[Exercise]
Produce as output only the lines below starting at the line with "#26576 = DIRECTION" and continuing through the line with "#26641 = DIRECTION", each one exactly as written.

(Dataset items)
________________
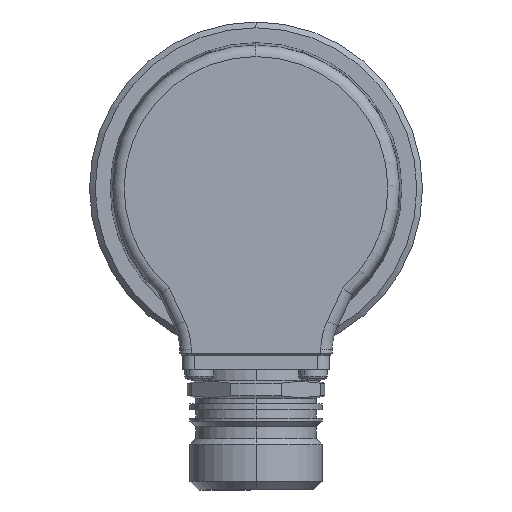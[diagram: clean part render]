
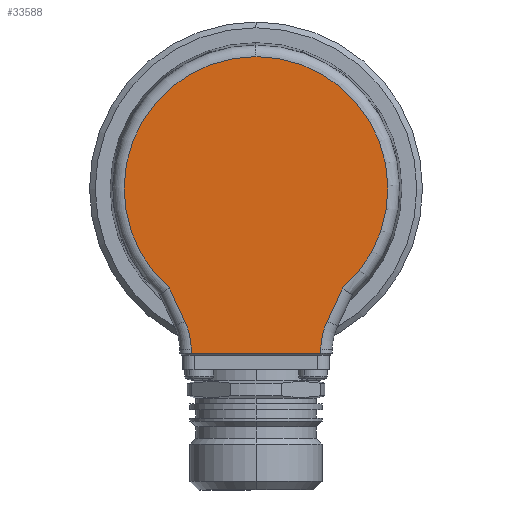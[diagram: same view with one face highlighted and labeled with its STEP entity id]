
A CAD part, left-side view. The second image highlights one B-rep face of the part: STEP entity #33588.
In plain terms, the highlighted planar face has unit normal (-1, 0, 0).
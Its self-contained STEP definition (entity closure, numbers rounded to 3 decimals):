
#24079 = CARTESIAN_POINT ( 'NONE',  ( -21., 15.091, -17.32 ) ) ;
#24080 = CARTESIAN_POINT ( 'NONE',  ( -21., 0., 22.972 ) ) ;
#24081 = DIRECTION ( 'NONE',  ( 0., 0., 1. ) ) ;
#24082 = DIRECTION ( 'NONE',  ( -1., 0., 0. ) ) ;
#24083 = CARTESIAN_POINT ( 'NONE',  ( -21., 0., 0. ) ) ;
#24084 = AXIS2_PLACEMENT_3D ( 'NONE', #24083, #24082, #24081 ) ;
#24085 = CIRCLE ( 'NONE', #24084, 22.972 ) ;
#26303 = CIRCLE ( 'NONE', #26578, 12. ) ;
#26321 = DIRECTION ( 'NONE',  ( 0., 0., 1. ) ) ;
#26322 = DIRECTION ( 'NONE',  ( 1., 0., 0. ) ) ;
#26323 = CARTESIAN_POINT ( 'NONE',  ( -21., 0., 0. ) ) ;
#26324 = AXIS2_PLACEMENT_3D ( 'NONE', #26323, #26322, #26321 ) ;
#26325 = PLANE ( 'NONE',  #26324 ) ;
#26340 = FACE_OUTER_BOUND ( 'NONE', #33590, .T. ) ;
#26450 = CARTESIAN_POINT ( 'NONE',  ( -21., 12.39, -23.112 ) ) ;
#26451 = DIRECTION ( 'NONE',  ( 0., -0.423, -0.906 ) ) ;
#26452 = VECTOR ( 'NONE', #26451, 1000. ) ;
#26453 = CARTESIAN_POINT ( 'NONE',  ( -21., 12.39, -23.112 ) ) ;
#26454 = LINE ( 'NONE', #26453, #26452 ) ;
#26477 = DIRECTION ( 'NONE',  ( 0., 0., 1. ) ) ;
#26478 = DIRECTION ( 'NONE',  ( 1., 0., 0. ) ) ;
#26479 = CARTESIAN_POINT ( 'NONE',  ( -21., 23.266, -28.183 ) ) ;
#26480 = AXIS2_PLACEMENT_3D ( 'NONE', #26479, #26478, #26477 ) ;
#26484 = CIRCLE ( 'NONE', #26480, 12. ) ;
#26485 = CARTESIAN_POINT ( 'NONE',  ( -21., -11.268, -27.974 ) ) ;
#26486 = DIRECTION ( 'NONE',  ( 0., -0.017, 1. ) ) ;
#26487 = VECTOR ( 'NONE', #26486, 1000. ) ;
#26488 = CARTESIAN_POINT ( 'NONE',  ( -21., -11.752, -0.205 ) ) ;
#26489 = LINE ( 'NONE', #26488, #26487 ) ;
#26490 = CARTESIAN_POINT ( 'NONE',  ( -21., -11.255, -28.695 ) ) ;
#26495 = DIRECTION ( 'NONE',  ( 0., -1., 0. ) ) ;
#26496 = VECTOR ( 'NONE', #26495, 1000. ) ;
#26497 = CARTESIAN_POINT ( 'NONE',  ( -21., -11.25, -28.695 ) ) ;
#26498 = LINE ( 'NONE', #26497, #26496 ) ;
#26500 = CARTESIAN_POINT ( 'NONE',  ( -21., 11.255, -28.695 ) ) ;
#26502 = CARTESIAN_POINT ( 'NONE',  ( -21., 11.268, -27.974 ) ) ;
#26508 = DIRECTION ( 'NONE',  ( 0., -0.017, -1. ) ) ;
#26509 = VECTOR ( 'NONE', #26508, 1000. ) ;
#26510 = CARTESIAN_POINT ( 'NONE',  ( -21., 11.752, -0.205 ) ) ;
#26511 = LINE ( 'NONE', #26510, #26509 ) ;
#26574 = CARTESIAN_POINT ( 'NONE',  ( -21., -12.39, -23.112 ) ) ;
#26575 = DIRECTION ( 'NONE',  ( 0., 0., 1. ) ) ;
#26576 = DIRECTION ( 'NONE',  ( 1., 0., 0. ) ) ;
#26577 = CARTESIAN_POINT ( 'NONE',  ( -21., -23.266, -28.183 ) ) ;
#26578 = AXIS2_PLACEMENT_3D ( 'NONE', #26577, #26576, #26575 ) ;
#26640 = CARTESIAN_POINT ( 'NONE',  ( -21., -15.091, -17.32 ) ) ;
#26641 = DIRECTION ( 'NONE',  ( 0., -0.423, 0.906 ) ) ;
#26642 = VECTOR ( 'NONE', #26641, 1000. ) ;
#26643 = CARTESIAN_POINT ( 'NONE',  ( -21., -14.953, -17.615 ) ) ;
#26649 = LINE ( 'NONE', #26643, #26642 ) ;
#26690 = DIRECTION ( 'NONE',  ( 0., 0., 1. ) ) ;
#26691 = DIRECTION ( 'NONE',  ( -1., 0., 0. ) ) ;
#26692 = CARTESIAN_POINT ( 'NONE',  ( -21., 0., 0. ) ) ;
#26693 = AXIS2_PLACEMENT_3D ( 'NONE', #26692, #26691, #26690 ) ;
#26694 = CIRCLE ( 'NONE', #26693, 22.972 ) ;
#32920 = EDGE_CURVE ( 'NONE', #32921, #32922, #24085, .T. ) ;
#32921 = VERTEX_POINT ( 'NONE', #24080 ) ;
#32922 = VERTEX_POINT ( 'NONE', #24079 ) ;
#33588 = ADVANCED_FACE ( 'NONE', ( #26340 ), #26325, .F. ) ;
#33590 = EDGE_LOOP ( 'NONE', ( #33619, #33627, #33633, #33639, #33644, #33680, #33685, #33687, #33609 ) ) ;
#33605 = EDGE_CURVE ( 'NONE', #32922, #33606, #26454, .T. ) ;
#33606 = VERTEX_POINT ( 'NONE', #26450 ) ;
#33609 = ORIENTED_EDGE ( 'NONE', *, *, #33611, .T. ) ;
#33611 = EDGE_CURVE ( 'NONE', #33606, #33623, #26484, .T. ) ;
#33619 = ORIENTED_EDGE ( 'NONE', *, *, #33621, .T. ) ;
#33621 = EDGE_CURVE ( 'NONE', #33623, #33625, #26511, .T. ) ;
#33623 = VERTEX_POINT ( 'NONE', #26502 ) ;
#33625 = VERTEX_POINT ( 'NONE', #26500 ) ;
#33627 = ORIENTED_EDGE ( 'NONE', *, *, #33629, .T. ) ;
#33629 = EDGE_CURVE ( 'NONE', #33625, #33631, #26498, .T. ) ;
#33631 = VERTEX_POINT ( 'NONE', #26490 ) ;
#33633 = ORIENTED_EDGE ( 'NONE', *, *, #33635, .T. ) ;
#33635 = EDGE_CURVE ( 'NONE', #33631, #33636, #26489, .T. ) ;
#33636 = VERTEX_POINT ( 'NONE', #26485 ) ;
#33639 = ORIENTED_EDGE ( 'NONE', *, *, #33641, .T. ) ;
#33641 = EDGE_CURVE ( 'NONE', #33636, #33642, #26303, .T. ) ;
#33642 = VERTEX_POINT ( 'NONE', #26574 ) ;
#33644 = ORIENTED_EDGE ( 'NONE', *, *, #33677, .T. ) ;
#33677 = EDGE_CURVE ( 'NONE', #33642, #33678, #26649, .T. ) ;
#33678 = VERTEX_POINT ( 'NONE', #26640 ) ;
#33680 = ORIENTED_EDGE ( 'NONE', *, *, #33682, .T. ) ;
#33682 = EDGE_CURVE ( 'NONE', #33678, #32921, #26694, .T. ) ;
#33685 = ORIENTED_EDGE ( 'NONE', *, *, #32920, .T. ) ;
#33687 = ORIENTED_EDGE ( 'NONE', *, *, #33605, .T. ) ;
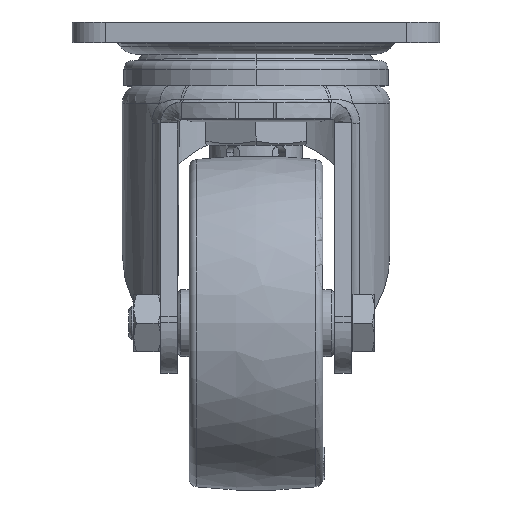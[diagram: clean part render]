
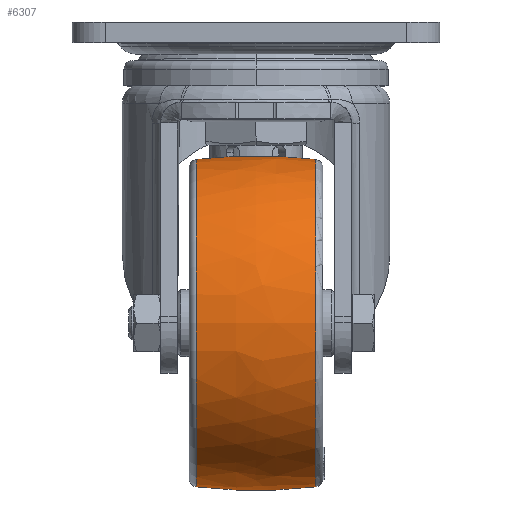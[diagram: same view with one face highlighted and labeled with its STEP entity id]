
A CAD part, top view. The second image highlights one B-rep face of the part: STEP entity #6307.
In plain terms, the highlighted free-form (B-spline) face has degree [3, 3] with [7, 4] control points.
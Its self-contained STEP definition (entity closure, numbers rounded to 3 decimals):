
#1111 = AXIS2_PLACEMENT_3D ( 'NONE', #37714, #31935, #48654 ) ;
#2398 = CARTESIAN_POINT ( 'NONE',  ( -17.797, 48.941, 0. ) ) ;
#3170 = AXIS2_PLACEMENT_3D ( 'NONE', #43484, #61014, #5126 ) ;
#5126 = DIRECTION ( 'NONE',  ( -0.119, 0.993, 0. ) ) ;
#6307 = ADVANCED_FACE ( 'NONE', ( #67344 ), #52974, .T. ) ;
#6773 = VERTEX_POINT ( 'NONE', #22817 ) ;
#10243 = CARTESIAN_POINT ( 'NONE',  ( 6.2, 31.006, -50.384 ) ) ;
#15600 = CARTESIAN_POINT ( 'NONE',  ( -18.505, 30.065, -48.854 ) ) ;
#15851 = CARTESIAN_POINT ( 'NONE',  ( 6.2, -52.231, -27.781 ) ) ;
#16591 = CARTESIAN_POINT ( 'NONE',  ( -18.505, -50.646, -26.938 ) ) ;
#19387 = EDGE_CURVE ( 'NONE', #6773, #48777, #38164, .T. ) ;
#20361 = ORIENTED_EDGE ( 'NONE', *, *, #58652, .F. ) ;
#21177 = CARTESIAN_POINT ( 'NONE',  ( -18.505, 0., -48.854 ) ) ;
#21676 = CARTESIAN_POINT ( 'NONE',  ( -18.505, 50.646, -26.938 ) ) ;
#22696 = CIRCLE ( 'NONE', #1111, 150. ) ;
#22817 = CARTESIAN_POINT ( 'NONE',  ( 17.797, 48.941, 0. ) ) ;
#26254 = ORIENTED_EDGE ( 'NONE', *, *, #19387, .T. ) ;
#26992 = CARTESIAN_POINT ( 'NONE',  ( 18.505, 50.646, -26.938 ) ) ;
#27705 = CARTESIAN_POINT ( 'NONE',  ( -6.2, -52.231, -27.781 ) ) ;
#31935 = DIRECTION ( 'NONE',  ( 0., 0., 1. ) ) ;
#32242 = EDGE_CURVE ( 'NONE', #55514, #48777, #22696, .T. ) ;
#32335 = CARTESIAN_POINT ( 'NONE',  ( -6.2, -50.284, 3.164 ) ) ;
#32577 = CARTESIAN_POINT ( 'NONE',  ( 6.2, 50.284, 3.164 ) ) ;
#32695 = DIRECTION ( 'NONE',  ( 0., 1., 0. ) ) ;
#32989 = CARTESIAN_POINT ( 'NONE',  ( -17.797, 0., 0. ) ) ;
#34087 = VERTEX_POINT ( 'NONE', #2398 ) ;
#37714 = CARTESIAN_POINT ( 'NONE',  ( 0., 100., 0. ) ) ;
#38123 = CARTESIAN_POINT ( 'NONE',  ( -6.2, 0., -50.384 ) ) ;
#38164 = CIRCLE ( 'NONE', #69668, 48.941 ) ;
#40301 = CARTESIAN_POINT ( 'NONE',  ( -17.797, -48.941, 0. ) ) ;
#43481 = CARTESIAN_POINT ( 'NONE',  ( 18.505, -48.758, 3.068 ) ) ;
#43484 = CARTESIAN_POINT ( 'NONE',  ( 0., -100., 0. ) ) ;
#43639 = EDGE_LOOP ( 'NONE', ( #65732, #26254, #48316, #20361 ) ) ;
#43720 = CARTESIAN_POINT ( 'NONE',  ( 6.2, -50.284, 3.164 ) ) ;
#43941 = CARTESIAN_POINT ( 'NONE',  ( -6.2, 52.231, -27.781 ) ) ;
#44063 = CARTESIAN_POINT ( 'NONE',  ( 17.797, 0., 0. ) ) ;
#44361 = DIRECTION ( 'NONE',  ( 0., 1., 0. ) ) ;
#44606 = DIRECTION ( 'NONE',  ( -1., 0., 0. ) ) ;
#46245 = EDGE_CURVE ( 'NONE', #34087, #6773, #67713, .T. ) ;
#48316 = ORIENTED_EDGE ( 'NONE', *, *, #32242, .F. ) ;
#48654 = DIRECTION ( 'NONE',  ( -0.119, -0.993, 0. ) ) ;
#48777 = VERTEX_POINT ( 'NONE', #58929 ) ;
#48824 = CARTESIAN_POINT ( 'NONE',  ( 6.2, 0., -50.384 ) ) ;
#49065 = CARTESIAN_POINT ( 'NONE',  ( -6.2, 50.284, 3.164 ) ) ;
#49555 = CARTESIAN_POINT ( 'NONE',  ( 18.505, -30.065, -48.854 ) ) ;
#49935 = DIRECTION ( 'NONE',  ( -1., 0., 0. ) ) ;
#50360 = CIRCLE ( 'NONE', #62266, 48.941 ) ;
#52974 =( BOUNDED_SURFACE ( )  B_SPLINE_SURFACE ( 3, 3, ( 
 ( #65803, #32335, #43720, #43481 ),
 ( #16591, #27705, #15851, #54702 ),
 ( #71857, #55402, #71139, #49555 ),
 ( #21177, #38123, #48824, #60304 ),
 ( #15600, #54456, #10243, #71617 ),
 ( #21676, #43941, #66047, #26992 ),
 ( #60063, #49065, #32577, #55176 ) ),
 .UNSPECIFIED., .F., .F., .T. ) 
 B_SPLINE_SURFACE_WITH_KNOTS ( ( 4, 3, 4 ),
 ( 4, 4 ),
 ( 0., 1., 2. ),
 ( 0., 1. ),
 .UNSPECIFIED. ) 
 GEOMETRIC_REPRESENTATION_ITEM ( )  RATIONAL_B_SPLINE_SURFACE ( (
 ( 1.192, 1.186, 1.186, 1.192),
 ( 0.941, 0.936, 0.936, 0.941),
 ( 0.941, 0.936, 0.936, 0.941),
 ( 1.192, 1.186, 1.186, 1.192),
 ( 0.941, 0.936, 0.936, 0.941),
 ( 0.941, 0.936, 0.936, 0.941),
 ( 1.192, 1.186, 1.186, 1.192) ) ) 
 REPRESENTATION_ITEM ( '' )  SURFACE ( )  );
#54456 = CARTESIAN_POINT ( 'NONE',  ( -6.2, 31.006, -50.384 ) ) ;
#54702 = CARTESIAN_POINT ( 'NONE',  ( 18.505, -50.646, -26.938 ) ) ;
#55176 = CARTESIAN_POINT ( 'NONE',  ( 18.505, 48.758, 3.068 ) ) ;
#55402 = CARTESIAN_POINT ( 'NONE',  ( -6.2, -31.006, -50.384 ) ) ;
#55514 = VERTEX_POINT ( 'NONE', #40301 ) ;
#58652 = EDGE_CURVE ( 'NONE', #34087, #55514, #50360, .T. ) ;
#58929 = CARTESIAN_POINT ( 'NONE',  ( 17.797, -48.941, 0. ) ) ;
#60063 = CARTESIAN_POINT ( 'NONE',  ( -18.505, 48.758, 3.068 ) ) ;
#60304 = CARTESIAN_POINT ( 'NONE',  ( 18.505, 0., -48.854 ) ) ;
#61014 = DIRECTION ( 'NONE',  ( 0., 0., -1. ) ) ;
#62266 = AXIS2_PLACEMENT_3D ( 'NONE', #32989, #44606, #44361 ) ;
#65732 = ORIENTED_EDGE ( 'NONE', *, *, #46245, .T. ) ;
#65803 = CARTESIAN_POINT ( 'NONE',  ( -18.505, -48.758, 3.068 ) ) ;
#66047 = CARTESIAN_POINT ( 'NONE',  ( 6.2, 52.231, -27.781 ) ) ;
#67344 = FACE_OUTER_BOUND ( 'NONE', #43639, .T. ) ;
#67713 = CIRCLE ( 'NONE', #3170, 150. ) ;
#69668 = AXIS2_PLACEMENT_3D ( 'NONE', #44063, #49935, #32695 ) ;
#71139 = CARTESIAN_POINT ( 'NONE',  ( 6.2, -31.006, -50.384 ) ) ;
#71617 = CARTESIAN_POINT ( 'NONE',  ( 18.505, 30.065, -48.854 ) ) ;
#71857 = CARTESIAN_POINT ( 'NONE',  ( -18.505, -30.065, -48.854 ) ) ;
________________
[Answer box]
#26576 = DIRECTION ( 'NONE',  ( 1., 0., 0. ) ) ;
#26577 = CARTESIAN_POINT ( 'NONE',  ( -21., -23.266, -28.183 ) ) ;
#26578 = AXIS2_PLACEMENT_3D ( 'NONE', #26577, #26576, #26575 ) ;
#26640 = CARTESIAN_POINT ( 'NONE',  ( -21., -15.091, -17.32 ) ) ;
#26641 = DIRECTION ( 'NONE',  ( 0., -0.423, 0.906 ) ) ;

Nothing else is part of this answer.